-- WORK ITEM --
Keyword search on "under": report each line of the records that contains it.

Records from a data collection
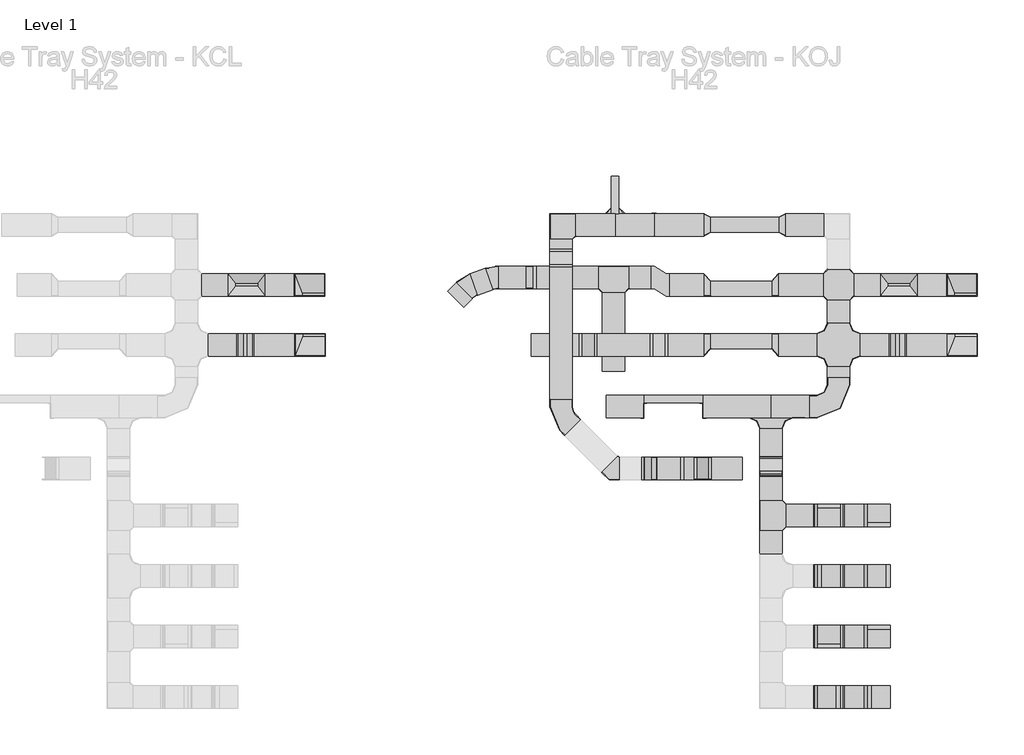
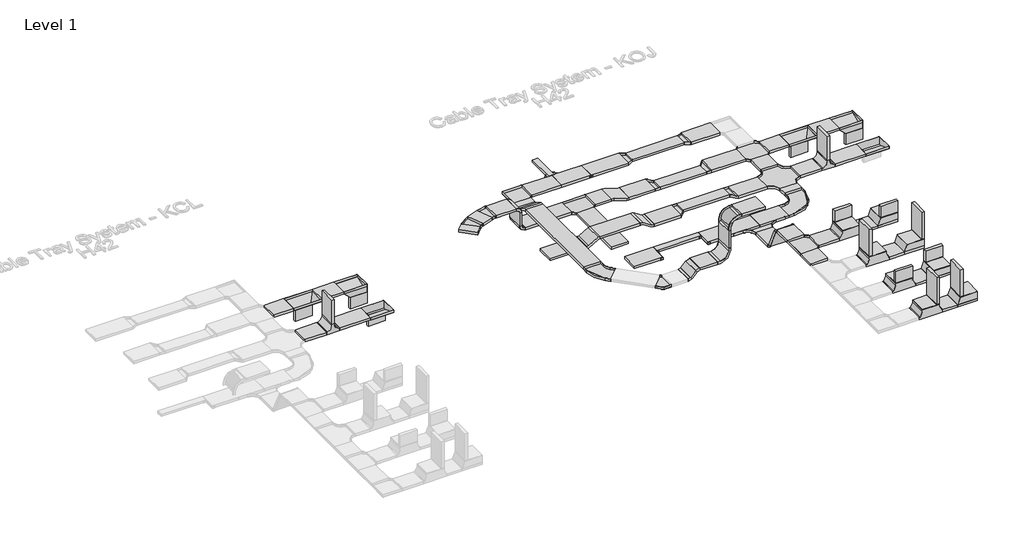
# One storey, part 3 of 32: 65 cable carrier segments, 50 cable carrier fittings.
"""IFC4 building model written with IfcOpenShell, lengths in millimetres."""

from ifc_helpers import new_model, si_unit, frame, origin, place, context, project, spatial, polyline, outline, extrude, transform, mapped, element, save
from components import cable_carrier_fitting_2f03b0e3, cable_carrier_fitting_e5c8e40d, cable_carrier_fitting_efa56db2, cable_carrier_fitting_2b67af39, cable_carrier_fitting_400b97e6, cable_carrier_fitting_736d034b, cable_carrier_fitting_94ef316f, cable_carrier_fitting_d4aa8912, cable_carrier_fitting_717dd42d, cable_carrier_fitting_b6ebce7b, cable_carrier_fitting_70c157f5, cable_carrier_fitting_f138ef00, cable_carrier_fitting_e93d4d17, cable_carrier_fitting_1724e2f5, cable_carrier_fitting_f62230c1, cable_carrier_fitting_ae8e9708, cable_carrier_fitting_2d1b2b1b, cable_carrier_fitting_6d558282, cable_carrier_fitting_b296faec, cable_carrier_fitting_47b1af77, cable_carrier_fitting_55953e98, cable_carrier_fitting_c1d9b0e5, cable_carrier_fitting_19ef2403, cable_carrier_fitting_0fee3a18, cable_carrier_fitting_9011e538, cable_carrier_fitting_5d3ac796, cable_carrier_fitting_b8cc1d00, cable_carrier_fitting_0e05e12f, cable_carrier_fitting_aa4403b1, cable_carrier_fitting_df0feb0d, cable_carrier_fitting_3ff81d9b, cable_carrier_fitting_7d5806c9, cable_carrier_fitting_881c8fdb, cable_carrier_fitting_302010ec, cable_carrier_fitting_0ce080ce, rkj200_h42_828cf9d7, rkj200_h42_37d9c611

model = new_model("IFC4")

# Units and contexts
model_context = context("Model", 3, world=origin())
ifc_project = project(units=[si_unit("LENGTHUNIT", "METRE", prefix="MILLI")], contexts=[model_context])

# Site, building, storey
site = spatial("IfcSite", under=ifc_project)
building = spatial("IfcBuilding", under=site)
storey = spatial("IfcBuildingStorey", under=building, Name="Level 1", Elevation=0.0)

# Cable carrier fittings
placement = place(None, origin())
cable_carrier_fitting_shape = cable_carrier_fitting_2f03b0e3(model_context)
element("IfcCableCarrierFitting", 1, ObjectType="BAKS_Vertical tee symetrical : TRSNJ_H42", at=placement, inside=storey, context=model_context, shape_type="MappedRepresentation", body=[
    mapped(cable_carrier_fitting_shape, transform((-15558.1670538, 44980.8714214, 0.0), x_axis=(1.0, 0.0, 0.0), y_axis=(0.0, -1.0, 0.0), z_axis=(0.0, 0.0, -1.0))),
])
element("IfcCableCarrierFitting", 2, ObjectType="BAKS_Vertical tee symetrical : TRSNJ_H42", at=placement, inside=storey, context=model_context, shape_type="MappedRepresentation", body=[
    mapped(cable_carrier_fitting_shape, transform((-6858.1670538, 44980.8714214, 0.0), x_axis=(1.0, 0.0, 0.0), y_axis=(0.0, -1.0, 0.0), z_axis=(0.0, 0.0, -1.0))),
])
cable_carrier_fitting_2_shape = cable_carrier_fitting_e5c8e40d(model_context)
element("IfcCableCarrierFitting", 3, ObjectType="BAKS_SUB_Corner connector : LRJ_H42", at=placement, inside=storey, context=model_context, shape_type="MappedRepresentation", body=[
    mapped(cable_carrier_fitting_2_shape, transform((-10675.1670538, 46730.8714214, -21.0), x_axis=(-1.0, 0.0, 0.0), y_axis=(0.0, -1.0, 0.0), z_axis=(0.0, 0.0, 1.0))),
])
element("IfcCableCarrierFitting", 4, ObjectType="BAKS_SUB_Corner connector : LRJ_H42", at=placement, inside=storey, context=model_context, shape_type="MappedRepresentation", body=[
    mapped(cable_carrier_fitting_2_shape, transform((-10575.1670538, 46730.8714214, -21.0), x_axis=(0.0, 1.0, 0.0), y_axis=(-1.0, 0.0, 0.0), z_axis=(0.0, 0.0, 1.0))),
])
cable_carrier_fitting_3_shape = cable_carrier_fitting_efa56db2(model_context)
element("IfcCableCarrierFitting", 5, ObjectType="BAKS_Horizontal bypass : OPZNJ_H42", at=placement, inside=storey, context=model_context, shape_type="MappedRepresentation", body=[
    mapped(cable_carrier_fitting_3_shape, transform((-10022.1670538, 45780.8714214, 0.0), x_axis=(-1.0, 0.0, 0.0), y_axis=(0.0, 1.0, 0.0), z_axis=(0.0, 0.0, -1.0))),
])
cable_carrier_fitting_4_shape = cable_carrier_fitting_2b67af39(model_context)
element("IfcCableCarrierFitting", 6, ObjectType="BAKS_Vertical bypass : OPNNJ_H42", at=placement, inside=storey, context=model_context, shape_type="MappedRepresentation", body=[
    mapped(cable_carrier_fitting_4_shape, transform((-10986.6670538, 44980.8714214, 100.0), x_axis=(-1.0, 0.0, 0.0), y_axis=(0.0, -1.0, 0.0), z_axis=(0.0, 0.0, 1.0))),
])
cable_carrier_fitting_5_shape = cable_carrier_fitting_400b97e6(model_context)
element("IfcCableCarrierFitting", 7, ObjectType="BAKS_Vertical elbow left : KRLBJ_H42", at=placement, inside=storey, context=model_context, shape_type="MappedRepresentation", body=[
    mapped(cable_carrier_fitting_5_shape, transform((-14908.1670538, 45780.8714214, 0.0), x_axis=(1.0, 0.0, 0.0), y_axis=(0.0, 1.0, 0.0), z_axis=(0.0, 0.0, 1.0))),
])
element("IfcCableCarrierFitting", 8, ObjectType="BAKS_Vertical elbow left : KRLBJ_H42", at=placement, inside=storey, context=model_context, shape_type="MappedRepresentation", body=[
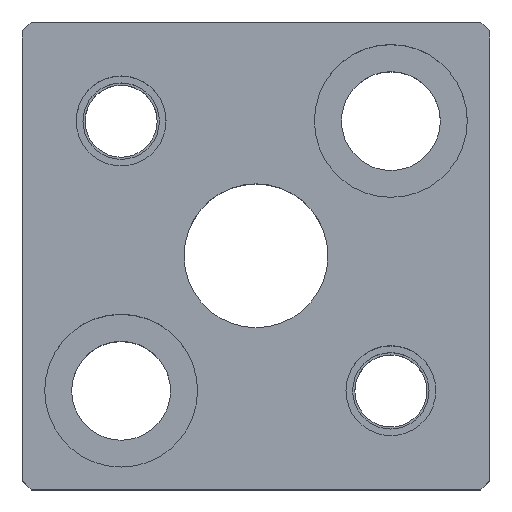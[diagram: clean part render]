
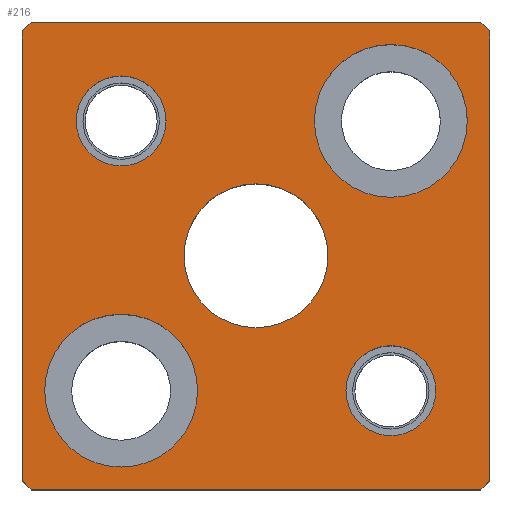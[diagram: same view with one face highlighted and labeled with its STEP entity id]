
A CAD part, top view. The second image highlights one B-rep face of the part: STEP entity #216.
In plain terms, the highlighted planar face has unit normal (0, 0, 1).
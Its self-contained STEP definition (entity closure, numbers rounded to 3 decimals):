
#100=FACE_BOUND('',#324,.T.);
#101=FACE_BOUND('',#325,.T.);
#102=FACE_BOUND('',#326,.T.);
#103=FACE_BOUND('',#327,.T.);
#104=FACE_BOUND('',#328,.T.);
#105=FACE_BOUND('',#329,.T.);
#147=CIRCLE('',#937,5.);
#149=CIRCLE('',#940,5.);
#151=CIRCLE('',#943,5.);
#153=CIRCLE('',#946,5.);
#163=CIRCLE('',#961,8.5);
#164=CIRCLE('',#962,8.5);
#165=CIRCLE('',#963,8.5);
#166=CIRCLE('',#964,8.5);
#167=CIRCLE('',#965,8.);
#168=CIRCLE('',#966,8.);
#216=ADVANCED_FACE('',(#100,#101,#102,#103,#104,#105),#255,.T.);
#255=PLANE('',#967);
#324=EDGE_LOOP('',(#459,#460,#461,#462,#463,#464,#465,#466));
#325=EDGE_LOOP('',(#467,#468));
#326=EDGE_LOOP('',(#469,#470));
#327=EDGE_LOOP('',(#471,#472));
#328=EDGE_LOOP('',(#473,#474));
#329=EDGE_LOOP('',(#475,#476));
#459=ORIENTED_EDGE('',*,*,#692,.T.);
#460=ORIENTED_EDGE('',*,*,#689,.T.);
#461=ORIENTED_EDGE('',*,*,#707,.T.);
#462=ORIENTED_EDGE('',*,*,#704,.T.);
#463=ORIENTED_EDGE('',*,*,#701,.T.);
#464=ORIENTED_EDGE('',*,*,#685,.T.);
#465=ORIENTED_EDGE('',*,*,#682,.T.);
#466=ORIENTED_EDGE('',*,*,#678,.T.);
#467=ORIENTED_EDGE('',*,*,#736,.F.);
#468=ORIENTED_EDGE('',*,*,#737,.F.);
#469=ORIENTED_EDGE('',*,*,#738,.F.);
#470=ORIENTED_EDGE('',*,*,#739,.F.);
#471=ORIENTED_EDGE('',*,*,#722,.F.);
#472=ORIENTED_EDGE('',*,*,#718,.F.);
#473=ORIENTED_EDGE('',*,*,#716,.F.);
#474=ORIENTED_EDGE('',*,*,#712,.F.);
#475=ORIENTED_EDGE('',*,*,#740,.T.);
#476=ORIENTED_EDGE('',*,*,#741,.T.);
#601=VERTEX_POINT('',#1286);
#602=VERTEX_POINT('',#1288);
#605=VERTEX_POINT('',#1296);
#607=VERTEX_POINT('',#1302);
#610=VERTEX_POINT('',#1309);
#611=VERTEX_POINT('',#1311);
#618=VERTEX_POINT('',#1334);
#620=VERTEX_POINT('',#1340);
#623=VERTEX_POINT('',#1355);
#624=VERTEX_POINT('',#1356);
#627=VERTEX_POINT('',#1367);
#628=VERTEX_POINT('',#1368);
#639=VERTEX_POINT('',#1403);
#640=VERTEX_POINT('',#1404);
#641=VERTEX_POINT('',#1407);
#642=VERTEX_POINT('',#1408);
#643=VERTEX_POINT('',#1411);
#644=VERTEX_POINT('',#1412);
#678=EDGE_CURVE('',#602,#601,#794,.T.);
#682=EDGE_CURVE('',#605,#602,#798,.T.);
#685=EDGE_CURVE('',#607,#605,#801,.T.);
#689=EDGE_CURVE('',#611,#610,#805,.T.);
#692=EDGE_CURVE('',#601,#611,#808,.T.);
#701=EDGE_CURVE('',#618,#607,#817,.T.);
#704=EDGE_CURVE('',#620,#618,#820,.T.);
#707=EDGE_CURVE('',#610,#620,#823,.T.);
#712=EDGE_CURVE('',#623,#624,#147,.T.);
#716=EDGE_CURVE('',#624,#623,#149,.T.);
#718=EDGE_CURVE('',#627,#628,#151,.T.);
#722=EDGE_CURVE('',#628,#627,#153,.T.);
#736=EDGE_CURVE('',#639,#640,#163,.T.);
#737=EDGE_CURVE('',#640,#639,#164,.T.);
#738=EDGE_CURVE('',#641,#642,#165,.T.);
#739=EDGE_CURVE('',#642,#641,#166,.T.);
#740=EDGE_CURVE('',#643,#644,#167,.T.);
#741=EDGE_CURVE('',#644,#643,#168,.T.);
#794=LINE('',#1287,#860);
#798=LINE('',#1295,#864);
#801=LINE('',#1301,#867);
#805=LINE('',#1310,#871);
#808=LINE('',#1316,#874);
#817=LINE('',#1333,#883);
#820=LINE('',#1339,#886);
#823=LINE('',#1345,#889);
#860=VECTOR('',#1025,1.);
#864=VECTOR('',#1031,1.);
#867=VECTOR('',#1036,1.);
#871=VECTOR('',#1042,1.);
#874=VECTOR('',#1047,1.);
#883=VECTOR('',#1062,1.);
#886=VECTOR('',#1067,1.);
#889=VECTOR('',#1072,1.);
#937=AXIS2_PLACEMENT_3D('',#1354,#1083,#1084);
#940=AXIS2_PLACEMENT_3D('',#1363,#1091,#1092);
#943=AXIS2_PLACEMENT_3D('',#1366,#1097,#1098);
#946=AXIS2_PLACEMENT_3D('',#1375,#1105,#1106);
#961=AXIS2_PLACEMENT_3D('',#1402,#1139,#1140);
#962=AXIS2_PLACEMENT_3D('',#1405,#1141,#1142);
#963=AXIS2_PLACEMENT_3D('',#1406,#1143,#1144);
#964=AXIS2_PLACEMENT_3D('',#1409,#1145,#1146);
#965=AXIS2_PLACEMENT_3D('',#1410,#1147,#1148);
#966=AXIS2_PLACEMENT_3D('',#1413,#1149,#1150);
#967=AXIS2_PLACEMENT_3D('',#1414,#1151,#1152);
#1025=DIRECTION('',(1.,0.,0.));
#1031=DIRECTION('',(0.707,-0.707,0.));
#1036=DIRECTION('',(0.,-1.,0.));
#1042=DIRECTION('',(0.,1.,0.));
#1047=DIRECTION('',(0.707,0.707,0.));
#1062=DIRECTION('',(-0.707,-0.707,0.));
#1067=DIRECTION('',(-1.,0.,0.));
#1072=DIRECTION('',(-0.707,0.707,0.));
#1083=DIRECTION('',(0.,0.,1.));
#1084=DIRECTION('',(-1.,0.,0.));
#1091=DIRECTION('',(0.,0.,1.));
#1092=DIRECTION('',(1.,0.,0.));
#1097=DIRECTION('',(0.,0.,1.));
#1098=DIRECTION('',(-1.,0.,0.));
#1105=DIRECTION('',(0.,0.,1.));
#1106=DIRECTION('',(1.,0.,0.));
#1139=DIRECTION('',(0.,0.,1.));
#1140=DIRECTION('',(1.,0.,0.));
#1141=DIRECTION('',(0.,0.,1.));
#1142=DIRECTION('',(-1.,0.,0.));
#1143=DIRECTION('',(0.,0.,1.));
#1144=DIRECTION('',(1.,0.,0.));
#1145=DIRECTION('',(0.,0.,1.));
#1146=DIRECTION('',(-1.,0.,0.));
#1147=DIRECTION('',(0.,0.,-1.));
#1148=DIRECTION('',(-1.,0.,0.));
#1149=DIRECTION('',(0.,0.,-1.));
#1150=DIRECTION('',(1.,0.,0.));
#1151=DIRECTION('',(0.,0.,1.));
#1152=DIRECTION('',(-1.,0.,0.));
#1286=CARTESIAN_POINT('',(25.,-26.,30.));
#1287=CARTESIAN_POINT('',(-25.,-26.,30.));
#1288=CARTESIAN_POINT('',(-25.,-26.,30.));
#1295=CARTESIAN_POINT('',(-25.,-26.,30.));
#1296=CARTESIAN_POINT('',(-26.,-25.,30.));
#1301=CARTESIAN_POINT('',(-26.,25.,30.));
#1302=CARTESIAN_POINT('',(-26.,25.,30.));
#1309=CARTESIAN_POINT('',(26.,25.,30.));
#1310=CARTESIAN_POINT('',(26.,25.,30.));
#1311=CARTESIAN_POINT('',(26.,-25.,30.));
#1316=CARTESIAN_POINT('',(26.,-25.,30.));
#1333=CARTESIAN_POINT('',(-26.,25.,30.));
#1334=CARTESIAN_POINT('',(-25.,26.,30.));
#1339=CARTESIAN_POINT('',(-25.,26.,30.));
#1340=CARTESIAN_POINT('',(25.,26.,30.));
#1345=CARTESIAN_POINT('',(25.,26.,30.));
#1354=CARTESIAN_POINT('',(15.,-15.,30.));
#1355=CARTESIAN_POINT('',(15.,-20.,30.));
#1356=CARTESIAN_POINT('',(15.,-10.,30.));
#1363=CARTESIAN_POINT('',(15.,-15.,30.));
#1366=CARTESIAN_POINT('',(-15.,15.,30.));
#1367=CARTESIAN_POINT('',(-15.,10.,30.));
#1368=CARTESIAN_POINT('',(-15.,20.,30.));
#1375=CARTESIAN_POINT('',(-15.,15.,30.));
#1402=CARTESIAN_POINT('',(15.,15.,30.));
#1403=CARTESIAN_POINT('',(15.,23.5,30.));
#1404=CARTESIAN_POINT('',(15.,6.5,30.));
#1405=CARTESIAN_POINT('',(15.,15.,30.));
#1406=CARTESIAN_POINT('',(-15.,-15.,30.));
#1407=CARTESIAN_POINT('',(-15.,-6.5,30.));
#1408=CARTESIAN_POINT('',(-15.,-23.5,30.));
#1409=CARTESIAN_POINT('',(-15.,-15.,30.));
#1410=CARTESIAN_POINT('',(0.,0.,30.));
#1411=CARTESIAN_POINT('',(0.,8.,30.));
#1412=CARTESIAN_POINT('',(0.,-8.,30.));
#1413=CARTESIAN_POINT('',(0.,0.,30.));
#1414=CARTESIAN_POINT('',(25.,-26.,30.));
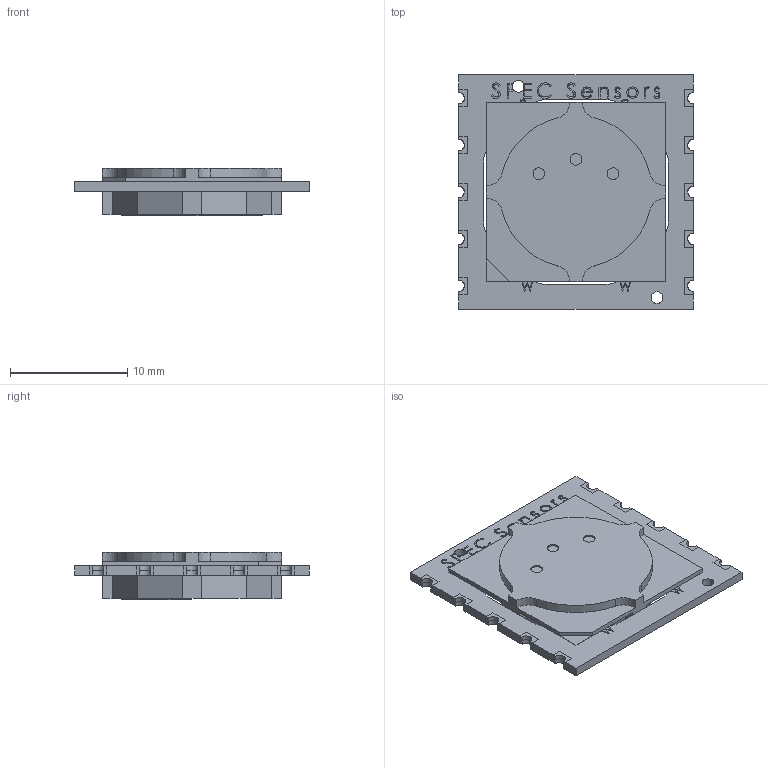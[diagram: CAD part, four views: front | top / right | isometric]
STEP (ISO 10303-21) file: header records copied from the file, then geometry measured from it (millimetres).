
FILE_DESCRIPTION (( 'STEP AP214' ), '1' );
FILE_NAME ('110-508 STEP.STEP', '2023-06-20T22:41:47', ( '' ), ( '' ), 'SwSTEP 2.0', 'SolidWorks 2017', '' );
FILE_SCHEMA (( 'AUTOMOTIVE_DESIGN' ));
Length unit declared in the file: millimetre
Products named in the file (4): 981-014; 100-502 STEP; 110-508 STEP; semicircle barcode label
Assembly tree (3 placements, depth 2):
  110-508 STEP
    100-502 STEP
    semicircle barcode label
    981-014
Bounding box: 20.01 x 20 x 4.01 mm (x, y, z)
Volume: 732.7 mm3; surface area: 1455.7 mm2
Topology: 32 solids, 32 shells, 602 faces, 1606 edges, 1076 vertices
Faces by surface type: plane 368, bspline 123, cylinder 111
Full cylindrical faces by diameter (mm): 0.35 x1, 0.75 x24, 1 x13
Entity records: 28168 total; most frequent: CARTESIAN_POINT 9399, ORIENTED_EDGE 3104, DIRECTION 2498, EDGE_CURVE 1552, LINE 1084, VECTOR 1084, VERTEX_POINT 1060, EDGE_LOOP 724

-- YOUR RESPONSE --
site = spatial("IfcSite", under=ifc_project)
building = spatial("IfcBuilding", under=site)
storey = spatial("IfcBuildingStorey", under=building, Name="Level 1", Elevation=0.0)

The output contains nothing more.